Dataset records
● ● ● ●

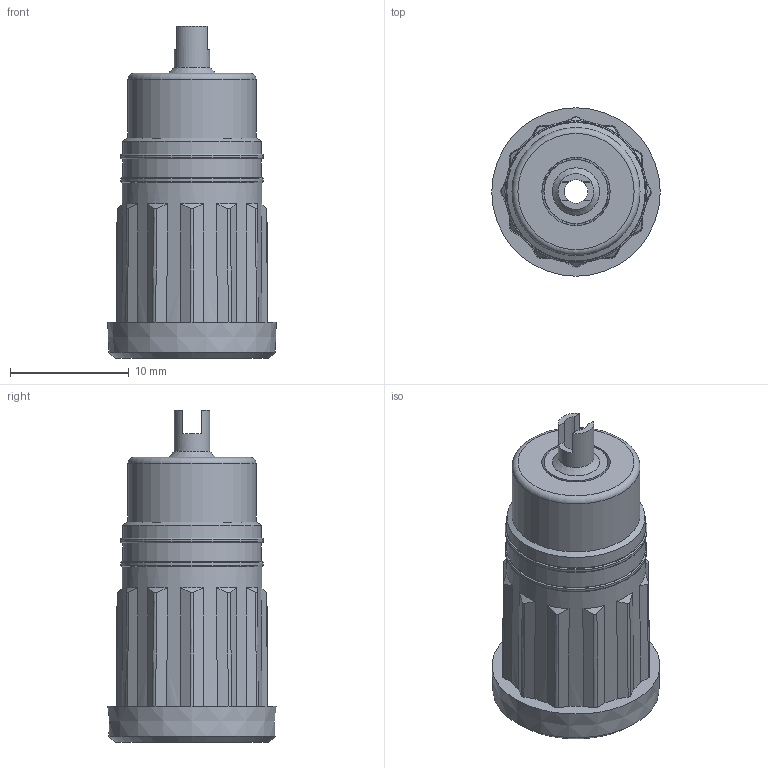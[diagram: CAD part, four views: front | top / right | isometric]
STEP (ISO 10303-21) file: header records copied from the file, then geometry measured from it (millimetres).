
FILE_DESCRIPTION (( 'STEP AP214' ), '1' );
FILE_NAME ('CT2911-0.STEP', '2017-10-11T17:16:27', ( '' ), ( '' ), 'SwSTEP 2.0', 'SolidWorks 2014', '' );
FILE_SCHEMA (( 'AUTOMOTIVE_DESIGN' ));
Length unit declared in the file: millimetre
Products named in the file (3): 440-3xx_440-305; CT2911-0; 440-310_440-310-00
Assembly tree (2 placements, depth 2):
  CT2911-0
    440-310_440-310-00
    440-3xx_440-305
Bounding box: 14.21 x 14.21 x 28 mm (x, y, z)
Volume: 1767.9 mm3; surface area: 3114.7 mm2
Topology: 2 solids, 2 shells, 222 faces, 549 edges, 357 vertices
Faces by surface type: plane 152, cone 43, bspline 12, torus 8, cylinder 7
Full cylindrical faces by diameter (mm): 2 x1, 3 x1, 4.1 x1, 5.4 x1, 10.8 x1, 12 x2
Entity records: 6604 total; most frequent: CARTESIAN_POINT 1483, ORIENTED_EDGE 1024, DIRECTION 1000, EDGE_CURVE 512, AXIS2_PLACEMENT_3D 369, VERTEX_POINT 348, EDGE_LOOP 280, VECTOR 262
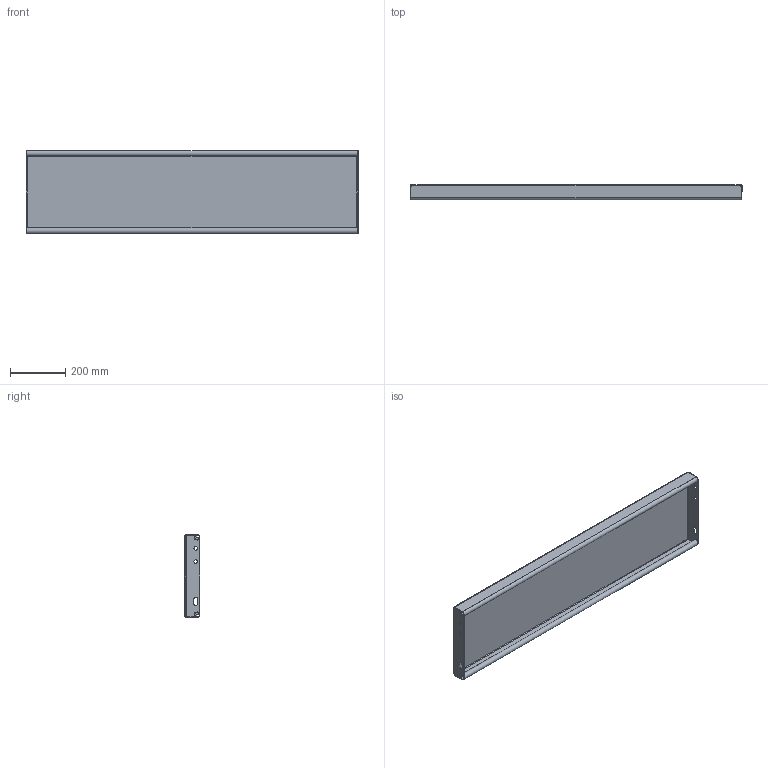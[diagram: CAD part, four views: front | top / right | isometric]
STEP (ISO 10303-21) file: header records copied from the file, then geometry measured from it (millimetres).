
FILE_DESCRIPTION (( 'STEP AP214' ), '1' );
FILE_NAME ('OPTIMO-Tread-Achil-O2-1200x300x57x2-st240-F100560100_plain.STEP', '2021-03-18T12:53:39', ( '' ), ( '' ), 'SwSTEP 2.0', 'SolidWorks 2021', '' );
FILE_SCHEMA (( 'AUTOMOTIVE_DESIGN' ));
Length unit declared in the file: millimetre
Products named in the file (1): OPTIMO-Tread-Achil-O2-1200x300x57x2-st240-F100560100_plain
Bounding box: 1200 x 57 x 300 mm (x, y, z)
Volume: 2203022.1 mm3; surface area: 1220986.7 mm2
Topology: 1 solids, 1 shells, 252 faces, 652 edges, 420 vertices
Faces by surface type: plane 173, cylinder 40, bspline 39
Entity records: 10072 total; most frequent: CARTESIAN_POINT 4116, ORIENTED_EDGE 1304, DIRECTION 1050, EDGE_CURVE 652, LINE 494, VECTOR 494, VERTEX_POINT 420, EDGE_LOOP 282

● ● ● ●

Write out each line again, exactly as it appears above, except for any picture.

RESULT OF THIS EXERCISE:
[diagram: CAD part, four views: front | top / right | isometric]
STEP (ISO 10303-21) file: header records copied from the file, then geometry measured from it (millimetres).
FILE_DESCRIPTION (( 'STEP AP214' ), '1' );
FILE_NAME ('CT2911-0.STEP', '2017-10-11T17:16:27', ( '' ), ( '' ), 'SwSTEP 2.0', 'SolidWorks 2014', '' );
FILE_SCHEMA (( 'AUTOMOTIVE_DESIGN' ));
Length unit declared in the file: millimetre
Products named in the file (3): 440-3xx_440-305; CT2911-0; 440-310_440-310-00
Assembly tree (2 placements, depth 2):
  CT2911-0
    440-310_440-310-00
    440-3xx_440-305
Bounding box: 14.21 x 14.21 x 28 mm (x, y, z)
Volume: 1767.9 mm3; surface area: 3114.7 mm2
Topology: 2 solids, 2 shells, 222 faces, 549 edges, 357 vertices
Faces by surface type: plane 152, cone 43, bspline 12, torus 8, cylinder 7
Full cylindrical faces by diameter (mm): 2 x1, 3 x1, 4.1 x1, 5.4 x1, 10.8 x1, 12 x2
Entity records: 6604 total; most frequent: CARTESIAN_POINT 1483, ORIENTED_EDGE 1024, DIRECTION 1000, EDGE_CURVE 512, AXIS2_PLACEMENT_3D 369, VERTEX_POINT 348, EDGE_LOOP 280, VECTOR 262
[diagram: CAD part, four views: front | top / right | isometric]
STEP (ISO 10303-21) file: header records copied from the file, then geometry measured from it (millimetres).
FILE_DESCRIPTION (( 'STEP AP214' ), '1' );
FILE_NAME ('OPTIMO-Tread-Achil-O2-1200x300x57x2-st240-F100560100_plain.STEP', '2021-03-18T12:53:39', ( '' ), ( '' ), 'SwSTEP 2.0', 'SolidWorks 2021', '' );
FILE_SCHEMA (( 'AUTOMOTIVE_DESIGN' ));
Length unit declared in the file: millimetre
Products named in the file (1): OPTIMO-Tread-Achil-O2-1200x300x57x2-st240-F100560100_plain
Bounding box: 1200 x 57 x 300 mm (x, y, z)
Volume: 2203022.1 mm3; surface area: 1220986.7 mm2
Topology: 1 solids, 1 shells, 252 faces, 652 edges, 420 vertices
Faces by surface type: plane 173, cylinder 40, bspline 39
Entity records: 10072 total; most frequent: CARTESIAN_POINT 4116, ORIENTED_EDGE 1304, DIRECTION 1050, EDGE_CURVE 652, LINE 494, VECTOR 494, VERTEX_POINT 420, EDGE_LOOP 282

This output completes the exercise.